> [PROMPT]: Using the material that follows, say how many lines contain the string "area". Answer with a number only.

> [DATA TO EXAMINE]:

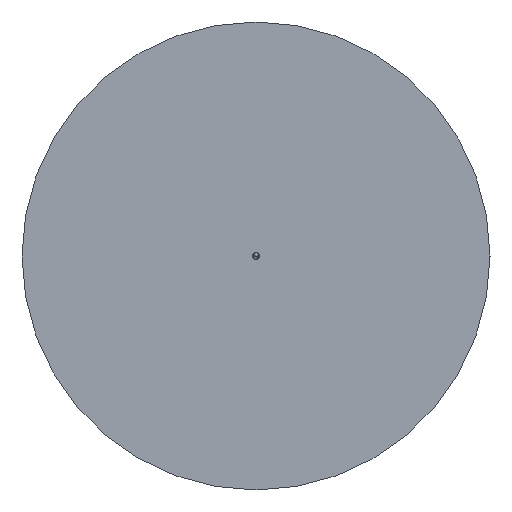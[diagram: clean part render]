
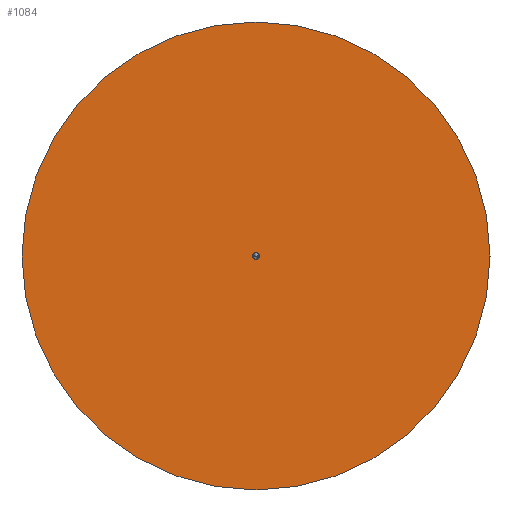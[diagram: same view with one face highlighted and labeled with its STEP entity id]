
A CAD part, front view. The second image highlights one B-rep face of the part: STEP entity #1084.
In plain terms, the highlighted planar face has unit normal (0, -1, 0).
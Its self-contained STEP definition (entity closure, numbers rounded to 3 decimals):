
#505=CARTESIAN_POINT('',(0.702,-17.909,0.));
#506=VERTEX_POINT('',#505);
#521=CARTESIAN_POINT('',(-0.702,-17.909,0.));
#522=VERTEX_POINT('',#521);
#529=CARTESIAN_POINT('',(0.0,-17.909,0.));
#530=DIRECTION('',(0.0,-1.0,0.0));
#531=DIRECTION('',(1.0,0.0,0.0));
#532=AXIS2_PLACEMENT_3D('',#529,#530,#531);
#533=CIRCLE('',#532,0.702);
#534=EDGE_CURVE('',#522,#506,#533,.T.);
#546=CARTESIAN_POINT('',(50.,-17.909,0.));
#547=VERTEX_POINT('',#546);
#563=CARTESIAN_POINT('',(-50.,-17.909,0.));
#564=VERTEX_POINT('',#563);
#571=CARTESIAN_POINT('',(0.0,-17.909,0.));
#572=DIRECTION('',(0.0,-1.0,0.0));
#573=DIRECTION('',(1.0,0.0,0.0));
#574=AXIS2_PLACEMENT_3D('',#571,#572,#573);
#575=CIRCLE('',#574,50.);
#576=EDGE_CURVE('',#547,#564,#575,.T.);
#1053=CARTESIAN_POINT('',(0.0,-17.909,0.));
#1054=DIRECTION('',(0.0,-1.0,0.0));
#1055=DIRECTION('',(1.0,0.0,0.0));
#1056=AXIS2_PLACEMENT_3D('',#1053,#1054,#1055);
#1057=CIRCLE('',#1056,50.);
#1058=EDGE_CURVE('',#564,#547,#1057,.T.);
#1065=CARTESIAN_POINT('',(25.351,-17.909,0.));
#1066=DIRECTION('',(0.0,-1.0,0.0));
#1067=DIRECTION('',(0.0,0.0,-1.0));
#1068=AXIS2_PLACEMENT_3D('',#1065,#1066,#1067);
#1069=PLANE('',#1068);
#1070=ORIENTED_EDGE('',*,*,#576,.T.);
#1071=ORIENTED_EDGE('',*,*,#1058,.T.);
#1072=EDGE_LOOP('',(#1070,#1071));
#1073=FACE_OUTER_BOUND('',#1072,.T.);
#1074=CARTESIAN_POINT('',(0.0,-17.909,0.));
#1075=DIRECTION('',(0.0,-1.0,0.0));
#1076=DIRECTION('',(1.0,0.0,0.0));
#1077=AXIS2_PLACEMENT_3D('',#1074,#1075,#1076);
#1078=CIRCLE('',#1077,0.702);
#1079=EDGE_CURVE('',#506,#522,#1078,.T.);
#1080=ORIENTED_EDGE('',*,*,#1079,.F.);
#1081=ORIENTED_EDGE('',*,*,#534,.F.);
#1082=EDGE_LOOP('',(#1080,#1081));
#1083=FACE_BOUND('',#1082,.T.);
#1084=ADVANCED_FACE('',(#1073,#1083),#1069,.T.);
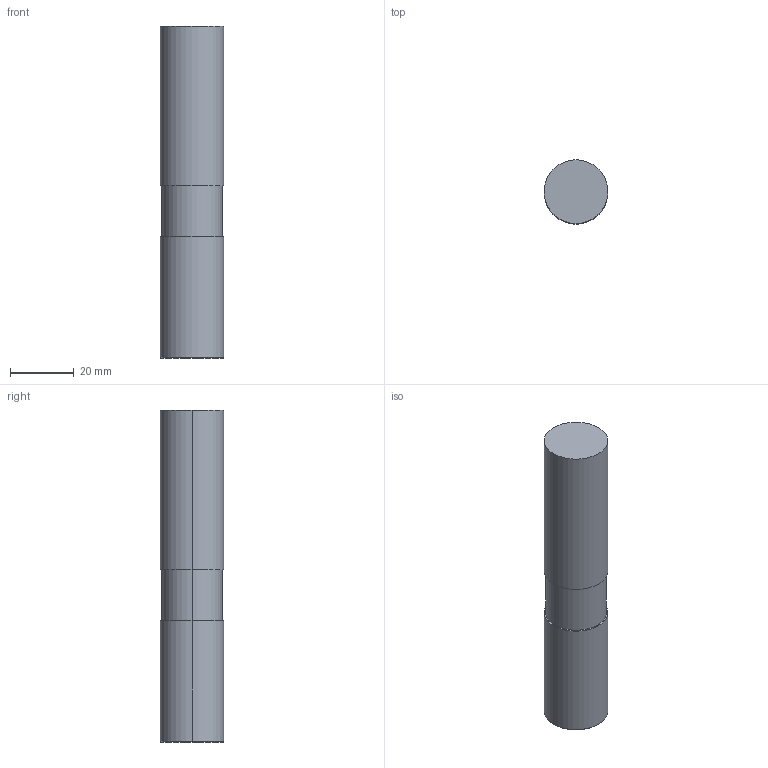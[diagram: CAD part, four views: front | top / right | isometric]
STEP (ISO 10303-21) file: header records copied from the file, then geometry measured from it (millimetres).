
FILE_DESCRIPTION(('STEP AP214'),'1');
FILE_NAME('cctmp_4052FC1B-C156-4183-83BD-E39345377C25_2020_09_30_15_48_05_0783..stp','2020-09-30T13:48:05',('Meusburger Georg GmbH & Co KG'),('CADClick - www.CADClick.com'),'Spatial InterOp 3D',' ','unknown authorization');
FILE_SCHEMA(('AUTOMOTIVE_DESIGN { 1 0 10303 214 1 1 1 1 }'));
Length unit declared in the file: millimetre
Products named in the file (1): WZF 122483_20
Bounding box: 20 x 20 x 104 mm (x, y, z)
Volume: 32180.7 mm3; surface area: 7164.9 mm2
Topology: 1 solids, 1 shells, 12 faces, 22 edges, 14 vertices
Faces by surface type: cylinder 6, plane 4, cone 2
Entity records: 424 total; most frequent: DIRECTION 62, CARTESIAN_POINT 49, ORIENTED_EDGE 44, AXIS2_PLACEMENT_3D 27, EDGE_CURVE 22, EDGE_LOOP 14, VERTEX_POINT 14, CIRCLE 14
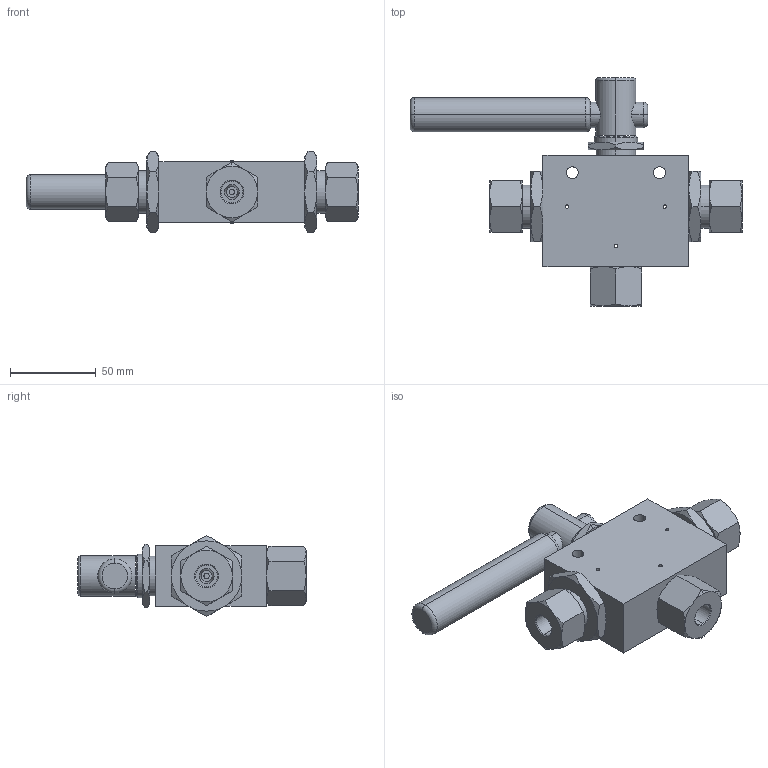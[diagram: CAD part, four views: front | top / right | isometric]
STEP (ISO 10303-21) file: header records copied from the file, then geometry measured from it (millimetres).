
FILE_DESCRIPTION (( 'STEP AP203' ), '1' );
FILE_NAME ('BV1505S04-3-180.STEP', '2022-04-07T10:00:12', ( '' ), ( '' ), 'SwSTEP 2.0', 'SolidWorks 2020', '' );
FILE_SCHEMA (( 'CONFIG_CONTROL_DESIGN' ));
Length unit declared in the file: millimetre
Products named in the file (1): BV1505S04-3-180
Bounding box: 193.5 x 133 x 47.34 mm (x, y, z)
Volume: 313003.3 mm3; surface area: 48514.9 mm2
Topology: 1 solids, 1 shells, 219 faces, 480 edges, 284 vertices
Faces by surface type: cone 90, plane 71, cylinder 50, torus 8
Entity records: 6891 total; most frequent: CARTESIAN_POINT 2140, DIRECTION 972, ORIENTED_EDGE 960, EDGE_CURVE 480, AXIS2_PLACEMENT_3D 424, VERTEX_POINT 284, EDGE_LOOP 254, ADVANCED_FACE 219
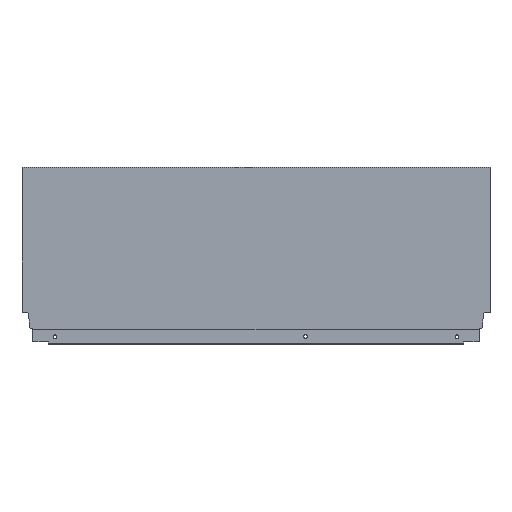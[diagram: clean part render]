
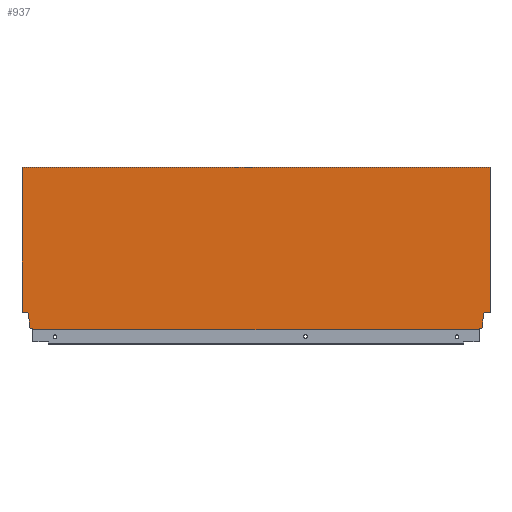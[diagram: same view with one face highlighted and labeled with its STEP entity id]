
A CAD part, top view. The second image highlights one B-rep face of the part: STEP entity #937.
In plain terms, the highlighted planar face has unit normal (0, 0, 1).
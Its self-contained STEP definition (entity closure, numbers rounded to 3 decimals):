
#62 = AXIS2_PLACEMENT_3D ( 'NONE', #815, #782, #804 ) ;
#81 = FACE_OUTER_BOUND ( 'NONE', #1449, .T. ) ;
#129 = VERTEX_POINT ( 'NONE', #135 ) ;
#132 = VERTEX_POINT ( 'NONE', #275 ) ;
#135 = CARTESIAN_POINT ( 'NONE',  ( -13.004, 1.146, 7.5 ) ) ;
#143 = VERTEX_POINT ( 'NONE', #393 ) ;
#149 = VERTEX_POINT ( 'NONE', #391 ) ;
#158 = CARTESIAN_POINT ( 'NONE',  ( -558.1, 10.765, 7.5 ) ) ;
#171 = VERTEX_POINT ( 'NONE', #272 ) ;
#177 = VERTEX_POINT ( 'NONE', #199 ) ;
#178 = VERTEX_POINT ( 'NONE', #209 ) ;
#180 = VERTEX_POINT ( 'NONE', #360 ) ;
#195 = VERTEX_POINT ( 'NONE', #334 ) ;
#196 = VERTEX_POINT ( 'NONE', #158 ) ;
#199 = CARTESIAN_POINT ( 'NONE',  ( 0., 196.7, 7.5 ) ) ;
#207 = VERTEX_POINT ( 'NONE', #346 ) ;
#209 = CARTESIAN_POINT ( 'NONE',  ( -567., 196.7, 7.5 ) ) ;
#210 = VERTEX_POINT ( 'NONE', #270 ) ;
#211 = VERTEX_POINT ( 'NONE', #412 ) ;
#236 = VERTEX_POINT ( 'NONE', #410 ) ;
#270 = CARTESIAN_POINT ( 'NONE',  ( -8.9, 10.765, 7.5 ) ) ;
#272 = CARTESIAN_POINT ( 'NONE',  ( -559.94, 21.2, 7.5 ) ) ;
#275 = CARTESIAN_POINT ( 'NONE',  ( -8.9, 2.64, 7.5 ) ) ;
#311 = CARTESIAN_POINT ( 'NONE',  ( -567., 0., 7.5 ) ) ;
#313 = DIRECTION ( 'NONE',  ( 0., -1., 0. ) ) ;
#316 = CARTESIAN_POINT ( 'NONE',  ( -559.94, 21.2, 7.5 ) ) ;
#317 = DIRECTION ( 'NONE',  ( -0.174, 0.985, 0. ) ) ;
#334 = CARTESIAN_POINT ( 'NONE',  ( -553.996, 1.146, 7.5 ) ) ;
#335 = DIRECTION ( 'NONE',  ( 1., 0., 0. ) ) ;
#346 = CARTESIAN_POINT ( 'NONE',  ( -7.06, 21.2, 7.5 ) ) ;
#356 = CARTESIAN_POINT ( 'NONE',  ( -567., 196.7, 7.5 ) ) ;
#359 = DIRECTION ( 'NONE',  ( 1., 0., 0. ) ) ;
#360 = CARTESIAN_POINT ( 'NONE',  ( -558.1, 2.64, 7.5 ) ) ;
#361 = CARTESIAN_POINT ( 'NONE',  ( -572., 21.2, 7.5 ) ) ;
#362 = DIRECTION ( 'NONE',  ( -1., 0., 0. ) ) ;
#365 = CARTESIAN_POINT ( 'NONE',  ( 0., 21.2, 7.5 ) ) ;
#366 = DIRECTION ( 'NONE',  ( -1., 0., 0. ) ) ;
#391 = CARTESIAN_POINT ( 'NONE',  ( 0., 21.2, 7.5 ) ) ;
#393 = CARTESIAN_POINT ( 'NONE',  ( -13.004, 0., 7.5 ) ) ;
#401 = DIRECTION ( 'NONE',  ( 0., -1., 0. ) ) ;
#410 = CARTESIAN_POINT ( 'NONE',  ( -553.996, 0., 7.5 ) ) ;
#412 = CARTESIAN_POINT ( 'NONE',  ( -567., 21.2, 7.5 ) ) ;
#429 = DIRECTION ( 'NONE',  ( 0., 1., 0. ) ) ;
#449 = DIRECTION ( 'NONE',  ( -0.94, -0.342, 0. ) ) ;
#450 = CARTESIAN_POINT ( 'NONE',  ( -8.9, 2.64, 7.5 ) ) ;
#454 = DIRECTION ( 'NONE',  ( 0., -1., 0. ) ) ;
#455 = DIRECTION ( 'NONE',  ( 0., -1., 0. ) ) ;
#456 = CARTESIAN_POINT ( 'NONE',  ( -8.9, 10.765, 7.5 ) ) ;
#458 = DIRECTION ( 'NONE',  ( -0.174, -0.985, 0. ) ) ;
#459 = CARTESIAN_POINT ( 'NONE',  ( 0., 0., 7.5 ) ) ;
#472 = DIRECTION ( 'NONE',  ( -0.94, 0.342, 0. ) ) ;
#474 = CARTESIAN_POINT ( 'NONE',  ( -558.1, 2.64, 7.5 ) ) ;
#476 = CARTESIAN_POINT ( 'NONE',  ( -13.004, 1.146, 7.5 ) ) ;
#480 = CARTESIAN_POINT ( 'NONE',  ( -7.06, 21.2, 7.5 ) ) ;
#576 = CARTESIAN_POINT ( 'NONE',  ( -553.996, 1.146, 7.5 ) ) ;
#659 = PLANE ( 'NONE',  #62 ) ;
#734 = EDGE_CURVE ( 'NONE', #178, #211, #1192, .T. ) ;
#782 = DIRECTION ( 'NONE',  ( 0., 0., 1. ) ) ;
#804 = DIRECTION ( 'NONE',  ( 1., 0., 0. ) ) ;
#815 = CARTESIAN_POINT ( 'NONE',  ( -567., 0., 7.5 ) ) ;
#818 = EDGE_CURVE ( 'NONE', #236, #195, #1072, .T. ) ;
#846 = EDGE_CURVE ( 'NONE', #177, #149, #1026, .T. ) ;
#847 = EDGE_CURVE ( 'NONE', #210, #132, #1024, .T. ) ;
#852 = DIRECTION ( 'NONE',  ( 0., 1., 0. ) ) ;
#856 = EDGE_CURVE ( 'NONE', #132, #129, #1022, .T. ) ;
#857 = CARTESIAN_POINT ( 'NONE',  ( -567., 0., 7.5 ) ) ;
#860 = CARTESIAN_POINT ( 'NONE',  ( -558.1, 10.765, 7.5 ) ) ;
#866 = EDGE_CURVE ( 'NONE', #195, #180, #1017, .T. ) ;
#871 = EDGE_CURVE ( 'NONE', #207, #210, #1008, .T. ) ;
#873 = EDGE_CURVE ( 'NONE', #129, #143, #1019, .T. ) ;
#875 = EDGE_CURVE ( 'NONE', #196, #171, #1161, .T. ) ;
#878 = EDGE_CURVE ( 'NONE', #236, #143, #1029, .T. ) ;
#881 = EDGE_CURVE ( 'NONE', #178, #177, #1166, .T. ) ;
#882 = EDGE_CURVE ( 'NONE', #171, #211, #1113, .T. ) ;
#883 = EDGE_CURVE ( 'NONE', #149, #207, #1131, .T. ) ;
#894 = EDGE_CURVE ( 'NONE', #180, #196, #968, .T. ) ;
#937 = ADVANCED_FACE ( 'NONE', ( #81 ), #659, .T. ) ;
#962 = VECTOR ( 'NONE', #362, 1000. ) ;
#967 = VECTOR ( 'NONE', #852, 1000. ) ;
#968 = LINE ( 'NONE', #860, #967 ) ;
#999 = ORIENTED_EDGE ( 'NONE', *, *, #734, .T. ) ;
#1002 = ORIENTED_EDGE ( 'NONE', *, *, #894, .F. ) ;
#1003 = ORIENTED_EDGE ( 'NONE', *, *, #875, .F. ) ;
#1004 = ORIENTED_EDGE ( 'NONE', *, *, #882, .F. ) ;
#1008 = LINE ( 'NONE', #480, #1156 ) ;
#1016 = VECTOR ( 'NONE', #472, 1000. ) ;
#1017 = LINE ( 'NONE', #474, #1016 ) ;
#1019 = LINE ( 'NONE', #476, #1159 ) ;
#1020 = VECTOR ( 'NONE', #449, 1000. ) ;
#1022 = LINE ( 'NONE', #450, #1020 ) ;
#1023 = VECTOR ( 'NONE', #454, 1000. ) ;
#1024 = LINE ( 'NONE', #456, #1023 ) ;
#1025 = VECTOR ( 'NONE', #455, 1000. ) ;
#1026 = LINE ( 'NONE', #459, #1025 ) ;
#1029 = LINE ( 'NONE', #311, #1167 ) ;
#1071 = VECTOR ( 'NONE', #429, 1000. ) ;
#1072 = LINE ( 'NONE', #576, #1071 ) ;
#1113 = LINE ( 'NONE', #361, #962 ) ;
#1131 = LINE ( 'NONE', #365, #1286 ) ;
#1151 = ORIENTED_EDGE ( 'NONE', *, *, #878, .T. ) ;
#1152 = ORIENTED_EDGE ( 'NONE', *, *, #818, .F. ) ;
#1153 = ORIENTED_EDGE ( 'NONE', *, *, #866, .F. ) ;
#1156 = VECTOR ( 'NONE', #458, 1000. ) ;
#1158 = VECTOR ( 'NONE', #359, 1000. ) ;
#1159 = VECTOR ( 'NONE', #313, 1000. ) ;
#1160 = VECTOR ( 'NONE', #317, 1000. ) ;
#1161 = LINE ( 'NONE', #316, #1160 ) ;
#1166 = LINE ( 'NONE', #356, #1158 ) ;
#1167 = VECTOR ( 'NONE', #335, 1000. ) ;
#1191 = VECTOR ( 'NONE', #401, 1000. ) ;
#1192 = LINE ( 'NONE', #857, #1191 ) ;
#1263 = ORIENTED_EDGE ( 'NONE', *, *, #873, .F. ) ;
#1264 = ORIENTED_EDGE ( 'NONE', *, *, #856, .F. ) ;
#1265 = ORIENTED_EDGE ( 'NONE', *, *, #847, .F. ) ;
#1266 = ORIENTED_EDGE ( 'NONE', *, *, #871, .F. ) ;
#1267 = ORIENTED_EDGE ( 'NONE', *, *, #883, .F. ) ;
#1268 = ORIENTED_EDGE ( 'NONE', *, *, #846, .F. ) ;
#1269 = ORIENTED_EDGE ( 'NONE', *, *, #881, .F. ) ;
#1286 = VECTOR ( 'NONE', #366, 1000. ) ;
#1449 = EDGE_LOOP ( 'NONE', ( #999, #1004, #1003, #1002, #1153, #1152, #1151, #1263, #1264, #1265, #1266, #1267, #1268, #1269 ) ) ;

> [TASK OUTPUT]: 2